What you will do ->
Could each entry below be written out exactly, with every picture dropped?

[Data — start]

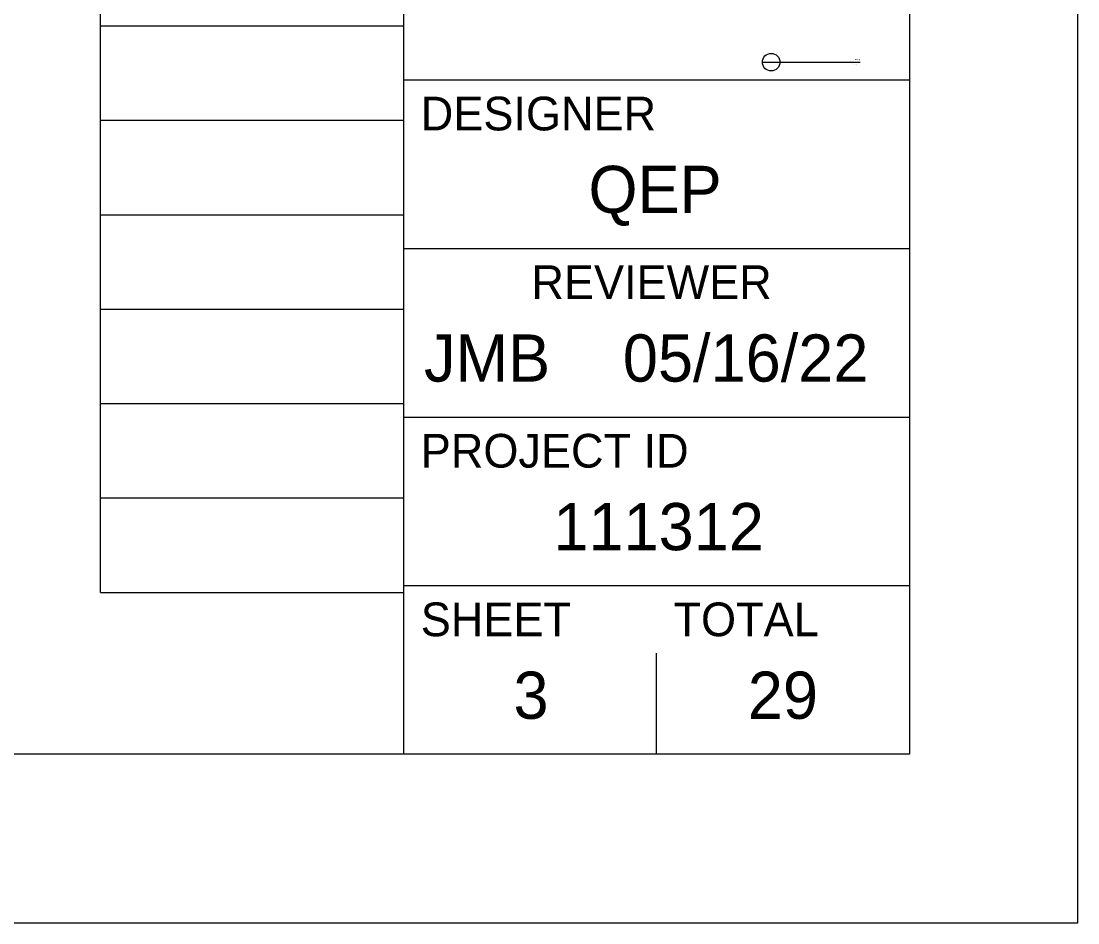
# Model space of a CAD drawing. Extents: x 0 to 58.9, y 0 to 22.
# Drawn here: x 30.864 to 34, y 0 to 2.674 of the extents above; entities that cross this region are included whole.
import ezdxf

# ---------------------------------------------------------------- set-up
doc = ezdxf.new("R2010")
doc.units = 0
for name, color, linetype in [('CS-ALGN-CNTR', 7, 'Continuous'), ('CS-ALGN-TEXT', 7, 'Continuous'), ('CS-ANNO', 7, 'Continuous'), ('CS-ANNO-MATC-MASK', 7, 'Continuous')]:
    doc.layers.add(name, color=color, linetype=linetype)

msp = doc.modelspace()

# ---------------------------------------------------------------- linework, layer by layer
at = {"layer": 'CS-ALGN-CNTR'}
msp.add_lwpolyline([(0, 0), (34, 0), (34, 22), (0, 22)], close=True, dxfattribs=at)
at = {"layer": 'CS-ALGN-TEXT'}
for p, q in [((32, 0.5), (32, 21.5)), ((32, 2.5), (33.5, 2.5)), ((32, 2), (33.5, 2)), ((32, 1.5), (33.5, 1.5)), ((32, 1), (33.5, 1))]:
    msp.add_line(p, q, dxfattribs=at)
msp.add_lwpolyline([(1.5, 21.5), (33.5, 21.5), (33.5, 0.5), (1.5, 0.5)], close=True, dxfattribs=at)
at = {"layer": 'CS-ANNO'}
for p, q in [((32.75, 0.5), (32.75, 0.8)), ((32.375, 0.675), (32.375, 0.675))]:
    msp.add_line(p, q, dxfattribs=at)
at = {"layer": 'CS-ANNO-MATC-MASK'}
for p, q in [((31.1, 0.98), (31.1, 21.14)), ((32, 0.98), (32, 21.14)), ((31.1, 2.66), (32, 2.66)), ((33.0636, 2.5523), (33.1157, 2.5523)), ((33.0899, 2.5523), (33.3542, 2.5523)), ((31.1, 2.38), (32, 2.38)), ((31.1, 2.1), (32, 2.1)), ((31.1, 1.82), (32, 1.82)), ((31.1, 1.54), (32, 1.54)), ((31.1, 1.26), (32, 1.26)), ((31.1, 0.98), (32, 0.98))]:
    msp.add_line(p, q, dxfattribs=at)
msp.add_circle((33.0897, 2.5523), 0.026, dxfattribs=at)

# ---------------------------------------------------------------- texts
at = {"layer": 'CS-ANNO'}
for s, height, p in [('DESIGNER', 0.1, (32.05, 2.35)), ('QEP', 0.14, (32.5477, 2.105)), ('REVIEWER', 0.1, (32.3783, 1.85)), ('JMB', 0.14, (32.0596, 1.605)), ('05/16/22', 0.14, (32.6497, 1.605)), ('PROJECT ID', 0.1, (32.05, 1.35)), ('111312', 0.14, (32.4435, 1.105)), ('SHEET', 0.1, (32.05, 0.85)), ('TOTAL', 0.1, (32.8, 0.85)), ('3', 0.14, (32.3251, 0.605)), ('29', 0.14, (33.0206, 0.605))]:
    msp.add_text(s, height=height, dxfattribs=at).set_placement(p)
at = {"layer": 'CS-ANNO-MATC-MASK'}
for s, p in [('1', (33.0888, 2.5589)), ('Drawing', (33.3372, 2.5589)), ('1:2', (33.3372, 2.5425))]:
    msp.add_text(s, height=0.00328, dxfattribs=at).set_placement(p)

doc.saveas('drawing.dxf')

[Data — finish]

Written response ->
# Model space of a CAD drawing. Extents: x 0 to 58.9, y 0 to 22.
# Drawn here: x 30.864 to 34, y 0 to 2.674 of the extents above; entities that cross this region are included whole.
import ezdxf

# ---------------------------------------------------------------- set-up
doc = ezdxf.new("R2010")
doc.units = 0
for name, color, linetype in [('CS-ALGN-CNTR', 7, 'Continuous'), ('CS-ALGN-TEXT', 7, 'Continuous'), ('CS-ANNO', 7, 'Continuous'), ('CS-ANNO-MATC-MASK', 7, 'Continuous')]:
    doc.layers.add(name, color=color, linetype=linetype)

msp = doc.modelspace()

# ---------------------------------------------------------------- linework, layer by layer
at = {"layer": 'CS-ALGN-CNTR'}
msp.add_lwpolyline([(0, 0), (34, 0), (34, 22), (0, 22)], close=True, dxfattribs=at)
at = {"layer": 'CS-ALGN-TEXT'}
for p, q in [((32, 0.5), (32, 21.5)), ((32, 2.5), (33.5, 2.5)), ((32, 2), (33.5, 2)), ((32, 1.5), (33.5, 1.5)), ((32, 1), (33.5, 1))]:
    msp.add_line(p, q, dxfattribs=at)
msp.add_lwpolyline([(1.5, 21.5), (33.5, 21.5), (33.5, 0.5), (1.5, 0.5)], close=True, dxfattribs=at)
at = {"layer": 'CS-ANNO'}
for p, q in [((32.75, 0.5), (32.75, 0.8)), ((32.375, 0.675), (32.375, 0.675))]:
    msp.add_line(p, q, dxfattribs=at)
at = {"layer": 'CS-ANNO-MATC-MASK'}
for p, q in [((31.1, 0.98), (31.1, 21.14)), ((32, 0.98), (32, 21.14)), ((31.1, 2.66), (32, 2.66)), ((33.0636, 2.5523), (33.1157, 2.5523)), ((33.0899, 2.5523), (33.3542, 2.5523)), ((31.1, 2.38), (32, 2.38)), ((31.1, 2.1), (32, 2.1)), ((31.1, 1.82), (32, 1.82)), ((31.1, 1.54), (32, 1.54)), ((31.1, 1.26), (32, 1.26)), ((31.1, 0.98), (32, 0.98))]:
    msp.add_line(p, q, dxfattribs=at)
msp.add_circle((33.0897, 2.5523), 0.026, dxfattribs=at)

# ---------------------------------------------------------------- texts
at = {"layer": 'CS-ANNO'}
for s, height, p in [('DESIGNER', 0.1, (32.05, 2.35)), ('QEP', 0.14, (32.5477, 2.105)), ('REVIEWER', 0.1, (32.3783, 1.85)), ('JMB', 0.14, (32.0596, 1.605)), ('05/16/22', 0.14, (32.6497, 1.605)), ('PROJECT ID', 0.1, (32.05, 1.35)), ('111312', 0.14, (32.4435, 1.105)), ('SHEET', 0.1, (32.05, 0.85)), ('TOTAL', 0.1, (32.8, 0.85)), ('3', 0.14, (32.3251, 0.605)), ('29', 0.14, (33.0206, 0.605))]:
    msp.add_text(s, height=height, dxfattribs=at).set_placement(p)
at = {"layer": 'CS-ANNO-MATC-MASK'}
for s, p in [('1', (33.0888, 2.5589)), ('Drawing', (33.3372, 2.5589)), ('1:2', (33.3372, 2.5425))]:
    msp.add_text(s, height=0.00328, dxfattribs=at).set_placement(p)

doc.saveas('drawing.dxf')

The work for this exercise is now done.